> [Given entries]:
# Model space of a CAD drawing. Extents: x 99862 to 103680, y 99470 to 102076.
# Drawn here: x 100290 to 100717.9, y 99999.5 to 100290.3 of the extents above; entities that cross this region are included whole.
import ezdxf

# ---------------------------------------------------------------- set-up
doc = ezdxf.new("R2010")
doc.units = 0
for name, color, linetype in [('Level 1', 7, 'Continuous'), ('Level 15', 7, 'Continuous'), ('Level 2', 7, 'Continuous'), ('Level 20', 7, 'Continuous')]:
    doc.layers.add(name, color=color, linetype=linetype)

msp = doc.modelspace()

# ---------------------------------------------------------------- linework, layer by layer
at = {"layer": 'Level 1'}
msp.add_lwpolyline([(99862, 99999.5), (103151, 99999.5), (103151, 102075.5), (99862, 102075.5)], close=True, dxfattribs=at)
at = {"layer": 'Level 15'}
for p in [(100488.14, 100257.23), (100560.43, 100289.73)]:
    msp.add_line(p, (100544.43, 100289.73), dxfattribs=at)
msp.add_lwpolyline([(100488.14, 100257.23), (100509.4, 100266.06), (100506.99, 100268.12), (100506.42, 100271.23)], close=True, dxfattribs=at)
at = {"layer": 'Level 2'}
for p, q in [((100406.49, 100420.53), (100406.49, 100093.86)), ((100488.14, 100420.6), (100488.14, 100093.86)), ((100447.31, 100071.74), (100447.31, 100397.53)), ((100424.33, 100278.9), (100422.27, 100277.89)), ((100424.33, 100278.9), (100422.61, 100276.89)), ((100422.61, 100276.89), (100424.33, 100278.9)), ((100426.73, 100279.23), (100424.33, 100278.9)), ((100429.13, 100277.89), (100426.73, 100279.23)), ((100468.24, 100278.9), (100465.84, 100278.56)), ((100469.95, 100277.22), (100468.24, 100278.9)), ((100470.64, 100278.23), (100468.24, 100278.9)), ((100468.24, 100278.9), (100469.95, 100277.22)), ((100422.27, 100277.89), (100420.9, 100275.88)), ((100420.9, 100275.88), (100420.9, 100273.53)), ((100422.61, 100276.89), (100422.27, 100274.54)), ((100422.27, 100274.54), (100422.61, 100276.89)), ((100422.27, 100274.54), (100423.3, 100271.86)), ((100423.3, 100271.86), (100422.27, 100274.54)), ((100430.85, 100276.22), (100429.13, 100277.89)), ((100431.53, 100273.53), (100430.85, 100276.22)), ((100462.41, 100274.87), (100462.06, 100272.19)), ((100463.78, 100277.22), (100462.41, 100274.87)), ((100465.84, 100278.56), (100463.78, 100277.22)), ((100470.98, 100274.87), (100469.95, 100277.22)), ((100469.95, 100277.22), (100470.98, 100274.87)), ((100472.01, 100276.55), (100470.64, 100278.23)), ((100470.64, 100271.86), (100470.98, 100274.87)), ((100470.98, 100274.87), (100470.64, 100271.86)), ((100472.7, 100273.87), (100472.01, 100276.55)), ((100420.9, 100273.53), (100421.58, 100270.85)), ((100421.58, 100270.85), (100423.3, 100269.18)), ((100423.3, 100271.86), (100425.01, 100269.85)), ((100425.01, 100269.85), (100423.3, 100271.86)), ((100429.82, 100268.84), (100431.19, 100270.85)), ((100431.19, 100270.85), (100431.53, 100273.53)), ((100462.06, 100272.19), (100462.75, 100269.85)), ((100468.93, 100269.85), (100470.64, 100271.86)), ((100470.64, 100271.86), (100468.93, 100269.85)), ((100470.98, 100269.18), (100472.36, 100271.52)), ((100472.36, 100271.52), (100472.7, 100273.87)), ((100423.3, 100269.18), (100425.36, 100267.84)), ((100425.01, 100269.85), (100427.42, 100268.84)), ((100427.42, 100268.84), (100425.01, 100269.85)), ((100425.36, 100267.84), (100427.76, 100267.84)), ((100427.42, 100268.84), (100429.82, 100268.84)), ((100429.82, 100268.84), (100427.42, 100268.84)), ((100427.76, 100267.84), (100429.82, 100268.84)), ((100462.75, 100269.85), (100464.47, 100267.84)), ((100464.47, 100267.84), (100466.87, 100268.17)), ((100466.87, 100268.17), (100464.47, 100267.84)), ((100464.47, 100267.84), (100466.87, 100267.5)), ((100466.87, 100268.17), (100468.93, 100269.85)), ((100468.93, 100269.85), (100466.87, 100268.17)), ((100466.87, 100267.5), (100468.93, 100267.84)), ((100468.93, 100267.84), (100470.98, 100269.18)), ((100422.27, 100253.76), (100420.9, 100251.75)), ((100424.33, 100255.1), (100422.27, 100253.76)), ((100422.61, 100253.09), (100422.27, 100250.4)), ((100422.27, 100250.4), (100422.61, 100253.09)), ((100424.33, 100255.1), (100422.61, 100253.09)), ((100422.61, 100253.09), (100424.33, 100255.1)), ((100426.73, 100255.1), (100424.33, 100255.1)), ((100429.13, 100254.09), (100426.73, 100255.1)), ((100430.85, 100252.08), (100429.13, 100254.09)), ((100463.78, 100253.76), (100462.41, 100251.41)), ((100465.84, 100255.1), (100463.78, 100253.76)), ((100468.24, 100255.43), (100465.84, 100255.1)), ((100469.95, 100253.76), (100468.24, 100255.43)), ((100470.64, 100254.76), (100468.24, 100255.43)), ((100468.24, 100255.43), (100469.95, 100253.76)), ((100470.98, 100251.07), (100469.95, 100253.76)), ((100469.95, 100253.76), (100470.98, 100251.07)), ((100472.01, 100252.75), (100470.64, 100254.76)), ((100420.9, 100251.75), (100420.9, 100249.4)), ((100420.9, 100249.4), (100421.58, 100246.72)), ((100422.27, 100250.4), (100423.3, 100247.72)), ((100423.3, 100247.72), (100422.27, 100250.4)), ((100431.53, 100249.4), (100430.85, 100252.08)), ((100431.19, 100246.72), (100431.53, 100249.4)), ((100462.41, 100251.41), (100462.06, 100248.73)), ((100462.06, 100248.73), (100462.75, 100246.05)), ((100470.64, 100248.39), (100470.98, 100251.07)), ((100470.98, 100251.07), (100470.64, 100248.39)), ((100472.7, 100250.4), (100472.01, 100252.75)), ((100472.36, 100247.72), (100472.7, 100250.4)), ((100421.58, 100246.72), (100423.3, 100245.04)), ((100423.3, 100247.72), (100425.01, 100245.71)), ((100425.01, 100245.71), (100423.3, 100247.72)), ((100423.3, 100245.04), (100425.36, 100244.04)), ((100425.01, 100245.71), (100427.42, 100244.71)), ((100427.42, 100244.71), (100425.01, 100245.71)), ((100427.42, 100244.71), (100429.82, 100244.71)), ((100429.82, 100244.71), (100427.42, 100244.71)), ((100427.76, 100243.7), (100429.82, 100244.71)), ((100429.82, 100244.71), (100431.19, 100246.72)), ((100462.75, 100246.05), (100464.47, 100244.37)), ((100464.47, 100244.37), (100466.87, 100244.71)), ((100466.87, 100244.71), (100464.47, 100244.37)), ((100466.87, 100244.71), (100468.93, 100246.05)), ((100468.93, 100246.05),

> [Exercise aim]: Every entry must be output again exactly as it was given.

> [Response]:
# Model space of a CAD drawing. Extents: x 99862 to 103680, y 99470 to 102076.
# Drawn here: x 100290 to 100717.9, y 99999.5 to 100290.3 of the extents above; entities that cross this region are included whole.
import ezdxf

# ---------------------------------------------------------------- set-up
doc = ezdxf.new("R2010")
doc.units = 0
for name, color, linetype in [('Level 1', 7, 'Continuous'), ('Level 15', 7, 'Continuous'), ('Level 2', 7, 'Continuous'), ('Level 20', 7, 'Continuous')]:
    doc.layers.add(name, color=color, linetype=linetype)

msp = doc.modelspace()

# ---------------------------------------------------------------- linework, layer by layer
at = {"layer": 'Level 1'}
msp.add_lwpolyline([(99862, 99999.5), (103151, 99999.5), (103151, 102075.5), (99862, 102075.5)], close=True, dxfattribs=at)
at = {"layer": 'Level 15'}
for p in [(100488.14, 100257.23), (100560.43, 100289.73)]:
    msp.add_line(p, (100544.43, 100289.73), dxfattribs=at)
msp.add_lwpolyline([(100488.14, 100257.23), (100509.4, 100266.06), (100506.99, 100268.12), (100506.42, 100271.23)], close=True, dxfattribs=at)
at = {"layer": 'Level 2'}
for p, q in [((100406.49, 100420.53), (100406.49, 100093.86)), ((100488.14, 100420.6), (100488.14, 100093.86)), ((100447.31, 100071.74), (100447.31, 100397.53)), ((100424.33, 100278.9), (100422.27, 100277.89)), ((100424.33, 100278.9), (100422.61, 100276.89)), ((100422.61, 100276.89), (100424.33, 100278.9)), ((100426.73, 100279.23), (100424.33, 100278.9)), ((100429.13, 100277.89), (100426.73, 100279.23)), ((100468.24, 100278.9), (100465.84, 100278.56)), ((100469.95, 100277.22), (100468.24, 100278.9)), ((100470.64, 100278.23), (100468.24, 100278.9)), ((100468.24, 100278.9), (100469.95, 100277.22)), ((100422.27, 100277.89), (100420.9, 100275.88)), ((100420.9, 100275.88), (100420.9, 100273.53)), ((100422.61, 100276.89), (100422.27, 100274.54)), ((100422.27, 100274.54), (100422.61, 100276.89)), ((100422.27, 100274.54), (100423.3, 100271.86)), ((100423.3, 100271.86), (100422.27, 100274.54)), ((100430.85, 100276.22), (100429.13, 100277.89)), ((100431.53, 100273.53), (100430.85, 100276.22)), ((100462.41, 100274.87), (100462.06, 100272.19)), ((100463.78, 100277.22), (100462.41, 100274.87)), ((100465.84, 100278.56), (100463.78, 100277.22)), ((100470.98, 100274.87), (100469.95, 100277.22)), ((100469.95, 100277.22), (100470.98, 100274.87)), ((100472.01, 100276.55), (100470.64, 100278.23)), ((100470.64, 100271.86), (100470.98, 100274.87)), ((100470.98, 100274.87), (100470.64, 100271.86)), ((100472.7, 100273.87), (100472.01, 100276.55)), ((100420.9, 100273.53), (100421.58, 100270.85)), ((100421.58, 100270.85), (100423.3, 100269.18)), ((100423.3, 100271.86), (100425.01, 100269.85)), ((100425.01, 100269.85), (100423.3, 100271.86)), ((100429.82, 100268.84), (100431.19, 100270.85)), ((100431.19, 100270.85), (100431.53, 100273.53)), ((100462.06, 100272.19), (100462.75, 100269.85)), ((100468.93, 100269.85), (100470.64, 100271.86)), ((100470.64, 100271.86), (100468.93, 100269.85)), ((100470.98, 100269.18), (100472.36, 100271.52)), ((100472.36, 100271.52), (100472.7, 100273.87)), ((100423.3, 100269.18), (100425.36, 100267.84)), ((100425.01, 100269.85), (100427.42, 100268.84)), ((100427.42, 100268.84), (100425.01, 100269.85)), ((100425.36, 100267.84), (100427.76, 100267.84)), ((100427.42, 100268.84), (100429.82, 100268.84)), ((100429.82, 100268.84), (100427.42, 100268.84)), ((100427.76, 100267.84), (100429.82, 100268.84)), ((100462.75, 100269.85), (100464.47, 100267.84)), ((100464.47, 100267.84), (100466.87, 100268.17)), ((100466.87, 100268.17), (100464.47, 100267.84)), ((100464.47, 100267.84), (100466.87, 100267.5)), ((100466.87, 100268.17), (100468.93, 100269.85)), ((100468.93, 100269.85), (100466.87, 100268.17)), ((100466.87, 100267.5), (100468.93, 100267.84)), ((100468.93, 100267.84), (100470.98, 100269.18)), ((100422.27, 100253.76), (100420.9, 100251.75)), ((100424.33, 100255.1), (100422.27, 100253.76)), ((100422.61, 100253.09), (100422.27, 100250.4)), ((100422.27, 100250.4), (100422.61, 100253.09)), ((100424.33, 100255.1), (100422.61, 100253.09)), ((100422.61, 100253.09), (100424.33, 100255.1)), ((100426.73, 100255.1), (100424.33, 100255.1)), ((100429.13, 100254.09), (100426.73, 100255.1)), ((100430.85, 100252.08), (100429.13, 100254.09)), ((100463.78, 100253.76), (100462.41, 100251.41)), ((100465.84, 100255.1), (100463.78, 100253.76)), ((100468.24, 100255.43), (100465.84, 100255.1)), ((100469.95, 100253.76), (100468.24, 100255.43)), ((100470.64, 100254.76), (100468.24, 100255.43)), ((100468.24, 100255.43), (100469.95, 100253.76)), ((100470.98, 100251.07), (100469.95, 100253.76)), ((100469.95, 100253.76), (100470.98, 100251.07)), ((100472.01, 100252.75), (100470.64, 100254.76)), ((100420.9, 100251.75), (100420.9, 100249.4)), ((100420.9, 100249.4), (100421.58, 100246.72)), ((100422.27, 100250.4), (100423.3, 100247.72)), ((100423.3, 100247.72), (100422.27, 100250.4)), ((100431.53, 100249.4), (100430.85, 100252.08)), ((100431.19, 100246.72), (100431.53, 100249.4)), ((100462.41, 100251.41), (100462.06, 100248.73)), ((100462.06, 100248.73), (100462.75, 100246.05)), ((100470.64, 100248.39), (100470.98, 100251.07)), ((100470.98, 100251.07), (100470.64, 100248.39)), ((100472.7, 100250.4), (100472.01, 100252.75)), ((100472.36, 100247.72), (100472.7, 100250.4)), ((100421.58, 100246.72), (100423.3, 100245.04)), ((100423.3, 100247.72), (100425.01, 100245.71)), ((100425.01, 100245.71), (100423.3, 100247.72)), ((100423.3, 100245.04), (100425.36, 100244.04)), ((100425.01, 100245.71), (100427.42, 100244.71)), ((100427.42, 100244.71), (100425.01, 100245.71)), ((100427.42, 100244.71), (100429.82, 100244.71)), ((100429.82, 100244.71), (100427.42, 100244.71)), ((100427.76, 100243.7), (100429.82, 100244.71)), ((100429.82, 100244.71), (100431.19, 100246.72)), ((100462.75, 100246.05), (100464.47, 100244.37)), ((100464.47, 100244.37), (100466.87, 100244.71)), ((100466.87, 100244.71), (100464.47, 100244.37)), ((100466.87, 100244.71), (100468.93, 100246.05)), ((100468.93, 100246.05),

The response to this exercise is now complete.